Data items:

== Segment start ==

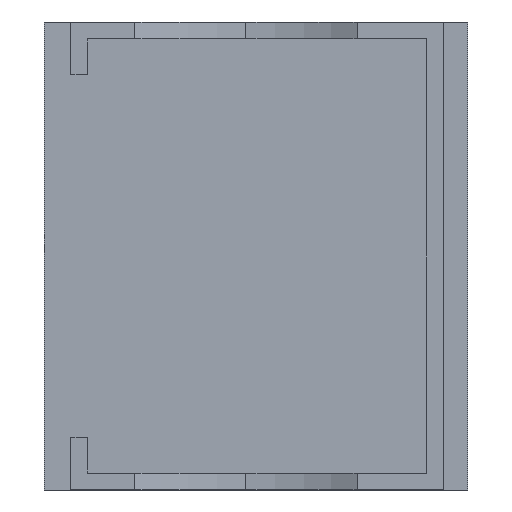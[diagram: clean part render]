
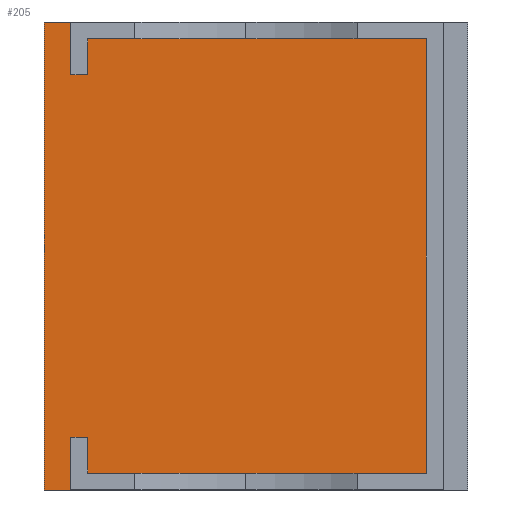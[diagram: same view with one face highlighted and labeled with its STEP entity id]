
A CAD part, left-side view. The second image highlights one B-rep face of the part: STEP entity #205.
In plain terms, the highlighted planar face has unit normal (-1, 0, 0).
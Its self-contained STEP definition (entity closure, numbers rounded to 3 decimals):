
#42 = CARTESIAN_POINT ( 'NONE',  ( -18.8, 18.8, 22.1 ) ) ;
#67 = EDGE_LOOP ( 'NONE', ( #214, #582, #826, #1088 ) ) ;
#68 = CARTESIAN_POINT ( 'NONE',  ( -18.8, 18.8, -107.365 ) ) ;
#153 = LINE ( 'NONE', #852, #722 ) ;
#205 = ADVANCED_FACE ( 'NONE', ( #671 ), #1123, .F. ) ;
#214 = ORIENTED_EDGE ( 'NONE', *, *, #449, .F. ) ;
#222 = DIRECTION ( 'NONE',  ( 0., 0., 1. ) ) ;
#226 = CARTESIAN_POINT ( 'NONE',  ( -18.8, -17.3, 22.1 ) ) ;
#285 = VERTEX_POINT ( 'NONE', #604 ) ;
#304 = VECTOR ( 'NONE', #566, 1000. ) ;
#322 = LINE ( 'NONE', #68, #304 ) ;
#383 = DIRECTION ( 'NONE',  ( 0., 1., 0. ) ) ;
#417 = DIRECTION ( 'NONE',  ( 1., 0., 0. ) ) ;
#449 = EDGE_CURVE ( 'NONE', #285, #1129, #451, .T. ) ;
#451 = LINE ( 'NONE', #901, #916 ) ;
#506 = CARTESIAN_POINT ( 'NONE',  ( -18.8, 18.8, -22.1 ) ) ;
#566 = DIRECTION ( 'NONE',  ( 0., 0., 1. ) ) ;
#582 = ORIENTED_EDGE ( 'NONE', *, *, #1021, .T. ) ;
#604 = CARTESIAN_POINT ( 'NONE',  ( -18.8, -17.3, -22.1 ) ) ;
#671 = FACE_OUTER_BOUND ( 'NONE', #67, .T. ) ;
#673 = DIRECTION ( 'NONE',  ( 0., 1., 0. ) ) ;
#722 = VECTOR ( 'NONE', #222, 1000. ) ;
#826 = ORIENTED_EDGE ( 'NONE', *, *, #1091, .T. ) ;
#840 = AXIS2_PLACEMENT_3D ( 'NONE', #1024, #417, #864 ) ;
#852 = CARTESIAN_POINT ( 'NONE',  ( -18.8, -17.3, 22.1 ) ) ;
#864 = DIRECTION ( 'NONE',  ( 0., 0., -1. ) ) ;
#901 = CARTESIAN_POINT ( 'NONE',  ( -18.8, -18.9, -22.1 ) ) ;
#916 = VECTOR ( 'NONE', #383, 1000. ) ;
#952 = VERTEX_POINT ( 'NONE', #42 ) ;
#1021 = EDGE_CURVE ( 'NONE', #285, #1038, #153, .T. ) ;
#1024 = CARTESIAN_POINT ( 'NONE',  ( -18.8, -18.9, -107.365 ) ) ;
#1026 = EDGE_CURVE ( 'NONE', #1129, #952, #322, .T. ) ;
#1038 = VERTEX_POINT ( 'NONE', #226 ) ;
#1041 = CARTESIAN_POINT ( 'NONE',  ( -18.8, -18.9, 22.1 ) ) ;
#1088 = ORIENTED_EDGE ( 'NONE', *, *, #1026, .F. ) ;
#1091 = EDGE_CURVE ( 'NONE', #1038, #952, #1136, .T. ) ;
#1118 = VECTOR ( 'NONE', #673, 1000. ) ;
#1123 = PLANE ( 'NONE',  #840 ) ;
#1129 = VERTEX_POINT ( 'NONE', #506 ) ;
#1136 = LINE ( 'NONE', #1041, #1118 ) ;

== Segment end ==

Look for the word "VECTOR" in the data, then return every line that contains it.

#304 = VECTOR ( 'NONE', #566, 1000. ) ;
#722 = VECTOR ( 'NONE', #222, 1000. ) ;
#916 = VECTOR ( 'NONE', #383, 1000. ) ;
#1118 = VECTOR ( 'NONE', #673, 1000. ) ;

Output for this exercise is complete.